Die Lösung für dieses Problem liegt laut dem Generalsekretär des Deutschen Bauernverbands Bernhard Krüsken darin "Düngung und Pflanzenbedarf in Einklang zu bringen". Laut Krüsken "haben wir in den letzten Jahren eine gute Entwicklung hin zu weniger Nitratüberschreitungen".

Beatrice Claus berichtet jedoch: "Dass, was wir heute im Grundwasser haben sind die Erträge der letzten Jahre. Die Agrar- und Industriepolitik haben bisher kaum bis gar keine Rücksicht auf den Gewässerschutz genommen". Gemeint ist damit, dass Nährstoffe, welche durch die Agrarwirtschaft in den Boden sickern, etliche Jahre brauchen, bis sie im Grundwasser ankommen.

Feld wird gedüngt (picture-alliance/dpa/P. Schulze)

In Deutschland wird mehr gedüngt als notwendig ist

Die Problematik der Nitratwerte ist also nicht auf die Agrarwirtschaft von heute, sondern auf die von vor Jahren zurückzuführen. Dabei gibt es keine klaren Zahlen, wie lange Nitrat braucht, um im Grundwasser anzukommen. Im Umkehrschluss bedeutet das: Selbst wenn Deutschland seine Agrarindustrie ab sofort zu einem nachhaltigeren Umgang mit Dünger und Gülle auf ihren Feldern bewegen könnte, so würde das Ergebnis erst in Jahren, womöglich Jahrzehnten, messbar sein. Die Nitratwerte würden sich nur langsam mit der Zeit senken. 

Trinkwasser wird teurer

Sollten die Nitratwerte im Grundwasser nicht gesenkt werden, so wird das Leitungswasser in Deutschland teurer. Durch die Nitratbelastung werden in Zukunft aufwendigere Aufbereitungsverfahren seitens der Stadtverwaltungen notwendig sein. "Je belasteter das Grundwasser, desto teurer wird es [das Trinkwasser] für den Verbraucher", meint Beatrice Claus.

Filterhalle des Wasserwerkes in Sachsen (picture-alliance/dpa/M. Hiekel)

Filterhalle des Wasserwerkes in Sachsen - das Ausfiltern der Nitrate ist teurer als hohe Werte zu vermeiden

Den gesundheitlichen Folgen zu hohen Nitratkonsums kann vorgebeugt werden, indem Obst und Gemüse saisonal eingekauft wird. Treibhausgemüse wird mit mehr Dünger behandelt als saisonales und enthält deswegen mehr Nitrat. "Wer nicht immer das Gleiche auf dem Teller hat, vermeidet auch einseitige Belastungen", empfiehlt das Deutsche Krebsforschungszentrum.

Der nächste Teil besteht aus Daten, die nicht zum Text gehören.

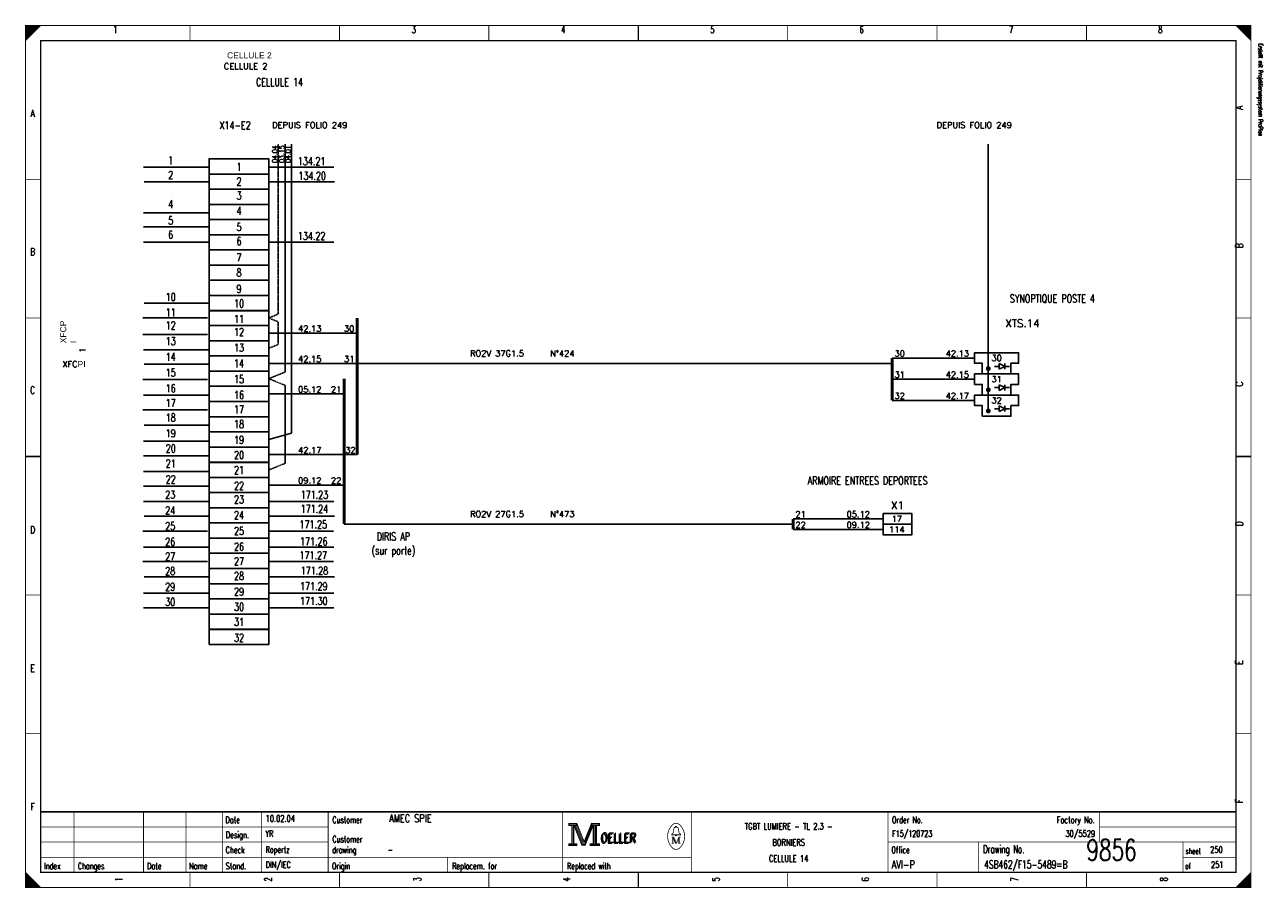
# Model space of a CAD drawing. Extents: x 0 to 409, y 0 to 285.
import ezdxf
from ezdxf.enums import TextEntityAlignment as Align

# ---------------------------------------------------------------- set-up
doc = ezdxf.new("R2010")
doc.units = 0
doc.header["$MEASUREMENT"] = 0
doc.linetypes.add('CONTINU', pattern=[0])
doc.linetypes.add('DISCONTINU', pattern=[0.15, 0.1, -0.05])
doc.layers.get('0').update_dxf_attribs({"color": 9, "linetype": 'CONTINUOUS'})
for name, color, linetype in [('POINTILLE', 5, 'DISCONTINU'), ('SCH-3', 3, 'CONTINU'), ('TEXTE', 3, 'CONTINUOUS'), ('TRAIFIN', 1, 'CONTINUOUS'), ('TRAIGROS', 2, 'CONTINUOUS'), ('TRAIMOY', 4, 'CONTINUOUS')]:
    doc.layers.add(name, color=color, linetype=linetype)
doc.styles.get("Standard").update_dxf_attribs({"font": 'romans.shx', "bigfont": 'TXT.shx'})

# ---------------------------------------------------------------- blocks, each defined once
blk = doc.blocks.new('BRND')
at = {"layer": 'TRAIFIN'}
for p, q in [((0.8, -5.47), (0.8, -3.59)), ((0.8, -3.59), (2.68, -4.53)), ((2.68, -5.47), (2.68, -3.59)), ((-0.73, -4.53), (0.8, -4.53)), ((2.68, -4.53), (0.8, -5.47)), ((2.68, -4.53), (4.27, -4.53))]:
    blk.add_line(p, q, dxfattribs=at)
at = {"layer": 'TRAIMOY'}
blk.add_lwpolyline([(-4.75, -7), (-4.75, -3.5), (-7.25, -3.5), (-7.25, 0), (7.25, 0), (7.25, -3.5), (4.75, -3.5), (4.75, -7)], close=True, dxfattribs=at)

msp = doc.modelspace()

# ---------------------------------------------------------------- linework, layer by layer
at = {"color": 0, "linetype": 'Continuous'}
for p, q in [((38.98, 238.14), (60.31, 238.14)), ((80.59, 238.14), (101.92, 238.14)), ((39.16, 233.3), (60.49, 233.3)), ((80.77, 233.3), (102.1, 233.3)), ((38.98, 223.09), (60.31, 223.09)), ((38.98, 218.42), (60.31, 218.42)), ((38.98, 213.4), (60.31, 213.4)), ((80.59, 213.4), (101.92, 213.4)), ((39.16, 193.24), (60.49, 193.24)), ((38.8, 188.39), (60.13, 188.39)), ((38.8, 182.84), (60.13, 182.84)), ((38.98, 177.82), (60.31, 177.82)), ((39.16, 172.98), (60.49, 172.98)), ((38.8, 167.96), (60.13, 167.96)), ((38.98, 162.77), (60.31, 162.77)), ((38.8, 157.93), (60.13, 157.93)), ((39.16, 152.91), (60.49, 152.91)), ((38.98, 147.53), (60.31, 147.53)), ((38.98, 142.7), (60.31, 142.7)), ((38.98, 137.54), (60.31, 137.54)), ((38.98, 132.74), (60.31, 132.74)), ((38.98, 127.62), (60.31, 127.62)), ((80.59, 127.62), (101.92, 127.62)), ((39.16, 122.78), (60.49, 122.78)), ((80.77, 122.78), (102.1, 122.78)), ((38.8, 117.77), (60.13, 117.77)), ((80.41, 117.77), (101.74, 117.77)), ((38.98, 112.57), (60.31, 112.57)), ((80.59, 112.57), (101.92, 112.57)), ((38.8, 107.73), (60.13, 107.73)), ((80.41, 107.73), (101.74, 107.73)), ((39.16, 102.71), (60.49, 102.71)), ((80.77, 102.71), (102.1, 102.71)), ((38.98, 97.34), (60.31, 97.34)), ((80.59, 97.34), (101.92, 97.34)), ((38.98, 92.5), (60.31, 92.5)), ((80.59, 92.5), (101.92, 92.5))]:
    msp.add_line(p, q, dxfattribs=at)
at = {"color": 0, "const_width": 0.25, "flags": 128}
for points in [[(0, 285), (5, 285), (0, 280), (0, 285)], [(0, 142.5), (0, 285), (405, 285), (405, 0), (0, 0), (0, 142.5)], [(0.25, 285), (0.25, 280.25), (0.5, 280.5), (0.5, 285), (0.75, 285), (0.75, 280.75), (1, 281), (1, 285), (1.25, 285), (1.25, 281.25), (1.5, 281.5), (1.5, 285), (1.75, 285), (1.75, 281.75), (2, 282)], [(2, 282), (2, 285), (2.25, 285), (2.25, 282.25), (2.5, 282.5), (2.5, 285), (2.75, 285), (2.75, 282.75), (3, 283), (3, 285), (3.25, 285), (3.25, 283.25), (3.5, 283.5), (3.5, 285), (3.75, 285)], [(3.75, 285), (3.75, 283.75), (4, 284), (4, 285), (4.25, 285), (4.25, 284.25), (4.5, 284.5), (4.5, 285), (4.75, 285), (4.75, 284.75)], [(400, 285), (405, 280), (404.75, 280.25), (404.75, 285), (404.5, 285), (404.5, 280.5), (404.25, 280.75), (404.25, 285), (404, 285), (404, 281), (403.75, 281.25), (403.75, 285), (403.5, 285), (403.5, 281.5), (403.25, 281.75)], [(401.5, 283.5), (401.5, 285), (401.25, 285), (401.25, 283.75), (401, 284), (401, 285), (400.75, 285), (400.75, 284.25), (400.5, 284.5), (400.5, 285), (400.25, 285), (400.25, 284.75)], [(403.25, 281.75), (403.25, 285), (403, 285), (403, 282), (402.75, 282.25), (402.75, 285), (402.5, 285), (402.5, 282.5), (402.25, 282.75), (402.25, 285), (402, 285), (402, 283), (401.75, 283.25), (401.75, 285), (401.5, 285)], [(179.5, 21.2), (179.5, 20.5), (180.5, 20.5), (180.5, 14.5), (179.5, 14.5), (179.5, 13.8), (182.2, 13.8), (182.2, 14.5), (181.2, 14.5), (181.2, 20.5), (182.2, 20.5), (182.2, 21.2), (179.5, 21.2)], [(180.7, 20.7), (180.7, 14.3), (181, 14.3), (181, 20.7)], [(181.2, 20.5), (183.9, 13.8), (184.9, 13.8), (187.6, 20.5)], [(181.8, 20.5), (184.2, 14.6), (184.6, 14.6)], [(182.2, 21.2), (184.6, 15.2), (187, 21.2)], [(182.2, 20.5), (184.4, 14.9), (184.7, 14.9)], [(184.6, 14.2), (184.9, 14.2), (187.4, 20.5)], [(184.6, 14.6), (184.8, 14.6), (187.2, 20.5)], [(187.6, 20.5), (187.6, 14.5), (186.6, 14.5), (186.6, 13.8), (187.1, 13.8)], [(187, 21.2), (187, 20.5), (188, 20.5), (188, 14.5), (187, 14.5), (187, 13.8), (189.7, 13.8), (189.7, 14.5), (188.7, 14.5), (188.7, 20.5), (189.7, 20.5), (189.7, 21.2), (187, 21.2)], [(187.8, 20.7), (187.8, 14.3), (188.3, 14.3), (188.3, 20.7), (188.5, 20.7), (188.5, 14.3)], [(214.8, 17.4), (213.5, 17.4), (213.5, 17.6), (214, 18), (214.3, 19.6)], [(213.9, 16.7), (213.9, 14.6), (213.5, 14.6)], [(213.9, 16.7), (214.8, 14.6), (215.1, 14.6)], [(214.8, 19.9), (214.8, 20.2), (215.2, 20.2), (215.2, 19.9)], [(215.2, 17.4), (216.5, 17.4), (216.5, 17.6), (216, 18), (215.7, 19.6)], [(0, 5), (0, 0), (5, 0), (0, 5), (0.25, 4.75), (0.25, 0), (0.5, 0), (0.5, 4.5), (0.75, 4.25), (0.75, 0), (1, 0), (1, 4), (1.25, 3.75), (1.25, 0), (1.5, 0)], [(404.75, 4.75), (404.75, 0), (404.5, 0), (404.5, 4.5), (404.25, 4.25), (404.25, 0), (404, 0), (404, 4), (403.75, 3.75), (403.75, 0), (403.5, 0), (403.5, 3.5), (403.25, 3.25), (403.25, 0), (403, 0)], [(1.5, 0), (1.5, 3.5), (1.75, 3.25), (1.75, 0), (2, 0), (2, 3), (2.25, 2.75), (2.25, 0), (2.5, 0), (2.5, 2.5), (2.75, 2.25), (2.75, 0), (3, 0), (3, 2), (3.25, 1.75)], [(3.25, 1.75), (3.25, 0), (3.5, 0), (3.5, 1.5), (3.75, 1.25), (3.75, 0), (4, 0), (4, 1), (4.25, 0.75), (4.25, 0), (4.5, 0), (4.5, 0.5), (4.75, 0.25)], [(401.25, 1.25), (401.25, 0), (401, 0), (401, 1), (400.75, 0.75), (400.75, 0), (400.5, 0), (400.5, 0.5), (400.25, 0.25), (400.25, 0)], [(403, 0), (403, 3), (402.75, 2.75), (402.75, 0), (402.5, 0), (402.5, 2.5), (402.25, 2.25), (402.25, 0), (402, 0), (402, 2), (401.75, 1.75), (401.75, 0), (401.5, 0), (401.5, 1.5), (401.25, 1.25)]]:
    msp.add_lwpolyline(points, dxfattribs=at)
at = {"color": 0, "flags": 128}
for points, const_width in [([(0, 285), (405, 285), (405, 0), (0, 0)], 0.25), ([(5, 280), (400, 280), (400, 5), (5, 5)], 0.5), ([(5, 280), (400, 280), (400, 5), (5, 5)], 0.25), ([(179.7, 21), (182, 21), (182, 20.7), (179.7, 20.7)], 0.25), ([(187.2, 21), (189.5, 21), (189.5, 20.7), (187.2, 20.7)], 0.25), ([(214.8, 17.4), (215.2, 17.4), (215.2, 17.1), (214.8, 17.1)], 0.25), ([(179.7, 14.3), (182, 14.3), (182, 14), (179.7, 14)], 0.25), ([(186.8, 14.3), (189.5, 14.3), (189.5, 14), (186.8, 14)], 0.25)]:
    msp.add_lwpolyline(points, close=True, dxfattribs=dict(at, const_width=const_width))
at = {"color": 0}
for points, const_width in [([(54.38, 285), (54.38, 280)], 0.25), ([(103.75, 285), (103.75, 280)], 0.25), ([(153.12, 285), (153.12, 280)], 0.25), ([(202.5, 280), (202.5, 285)], 0.5), ([(202.5, 285), (202.5, 280)], 0.25), ([(251.88, 285), (251.88, 280)], 0.25), ([(301.25, 285), (301.25, 280)], 0.25), ([(350.62, 285), (350.62, 280)], 0.25), ([(0, 234.17), (5, 234.17)], 0.25), ([(405, 234.17), (400, 234.17)], 0.25), ([(0, 188.33), (5, 188.33)], 0.25), ([(405, 188.33), (400, 188.33)], 0.25), ([(5, 142.5), (0, 142.5)], 0.5), ([(0, 142.5), (5, 142.5)], 0.25), ([(400, 142.5), (405, 142.5)], 0.5), ([(405, 142.5), (400, 142.5)], 0.25), ([(0, 96.67), (5, 96.67)], 0.25), ([(405, 96.67), (400, 96.67)], 0.25), ([(0, 50.83), (5, 50.83)], 0.25), ([(405, 50.83), (400, 50.83)], 0.25), ([(400, 25), (5, 25)], 0.5), ([(16, 5), (16, 25)], 0.25), ([(39, 5), (39, 25)], 0.25), ([(53, 5), (53, 25)], 0.25), ([(65, 25), (65, 5)], 0.25), ([(78, 25), (78, 5)], 0.25), ([(100, 25), (100, 5)], 0.25), ([(177.5, 25), (177.5, 5)], 0.25), ([(220, 25), (220, 5)], 0.25), ([(285, 25), (285, 5)], 0.25), ([(355, 25), (355, 15)], 0.25), ([(181.5, 20.5), (184, 14.2)], 0.25), ([(184.7, 14.9), (187, 20.6)], 0.25), ([(5, 20), (100, 20)], 0.25), ([(213.5, 16.7), (214.2, 16.7)], 0.25), ([(214.2, 16.7), (215.1, 14.6)], 0.25), ([(214.6, 19.9), (215.5, 19.9)], 0.25), ([(215.1, 14.6), (215.9, 16.7)], 0.25), ([(215.9, 14.6), (215.9, 16.7)], 0.25), ([(215.9, 16.7), (216.5, 16.7)], 0.25), ([(216.1, 16.7), (216.1, 14.6)], 0.25), ([(355, 20), (400, 20)], 0.25), ([(5, 15), (100, 15)], 0.25), ([(184, 14.2), (184.6, 14.2)], 0.25), ([(213.9, 14.6), (214.3, 14.6)], 0.25), ([(216.5, 14.6), (215.7, 14.6)], 0.25), ([(285, 15), (400, 15)], 0.25), ([(315, 15), (315, 5)], 0.25), ([(382.5, 15), (382.5, 5)], 0.25), ([(5, 10), (220, 10)], 0.25), ([(139.5, 10), (139.5, 5)], 0.25), ([(382.5, 10), (400, 10)], 0.25), ([(54.38, 0), (54.38, 5)], 0.25), ([(103.75, 0), (103.75, 5)], 0.25), ([(153.12, 0), (153.12, 5)], 0.25), ([(202.5, 5), (202.5, 0)], 0.5), ([(202.5, 0), (202.5, 5)], 0.25), ([(251.88, 0), (251.88, 5)], 0.25), ([(301.25, 0), (301.25, 5)], 0.25), ([(350.62, 0), (350.62, 5)], 0.25), ([(405, 5), (400, 0)], 0.25), ([(4.75, 0), (4.75, 0.25)], 0.25)]:
    msp.add_lwpolyline(points, dxfattribs=dict(at, const_width=const_width))
at = {"color": 0, "linetype": 'Continuous'}
for points in [[(60.66, 235.9), (60.66, 240.92), (80.38, 240.92), (80.38, 235.9)], [(60.66, 230.88), (60.66, 235.9), (80.38, 235.9), (80.38, 230.88)], [(60.66, 225.86), (60.66, 230.88), (80.38, 230.88), (80.38, 225.86)], [(60.66, 220.84), (60.66, 225.86), (80.38, 225.86), (80.38, 220.84)], [(60.66, 215.82), (60.66, 220.84), (80.38, 220.84), (80.38, 215.82)], [(60.66, 210.8), (60.66, 215.82), (80.38, 215.82), (80.38, 210.8)], [(60.66, 205.78), (60.66, 210.8), (80.38, 210.8), (80.38, 205.78)], [(60.66, 200.76), (60.66, 205.78), (80.38, 205.78), (80.38, 200.76)], [(60.66, 195.73), (60.66, 200.76), (80.38, 200.76), (80.38, 195.73)], [(60.66, 190.71), (60.66, 195.73), (80.38, 195.73), (80.38, 190.71)], [(60.66, 185.79), (60.66, 190.81), (80.38, 190.81), (80.38, 185.79)], [(60.66, 180.77), (60.66, 185.79), (80.38, 185.79), (80.38, 180.77)], [(60.66, 175.75), (60.66, 180.77), (80.38, 180.77), (80.38, 175.75)], [(60.66, 170.73), (60.66, 175.75), (80.38, 175.75), (80.38, 170.73)], [(60.66, 165.71), (60.66, 170.73), (80.38, 170.73), (80.38, 165.71)], [(60.66, 160.68), (60.66, 165.71), (80.38, 165.71), (80.38, 160.68)], [(60.66, 155.66), (60.66, 160.68), (80.38, 160.68), (80.38, 155.66)], [(60.66, 150.64), (60.66, 155.66), (80.38, 155.66), (80.38, 150.64)], [(60.66, 145.62), (60.66, 150.64), (80.38, 150.64), (80.38, 145.62)], [(60.66, 140.6), (60.66, 145.62), (80.38, 145.62), (80.38, 140.6)], [(60.66, 135.53), (60.66, 140.55), (80.38, 140.55), (80.38, 135.53)], [(60.66, 130.55), (60.66, 135.57), (80.38, 135.57), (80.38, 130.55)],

Das Umweltbundesamt kommt für Deutschland zu dem Schluss, dass "Reparaturmaßnahmen teurer wären als vorbeugende Maßnahmen". In weiten Teilen des Landes müssten die Wasserreinigungsanlagen für viel Geld modernisiert werden. Wenn die Politik nicht die Gesundheit der Bürger und viel Geld riskieren möchte, dann wird es für sie Zeit zu handeln.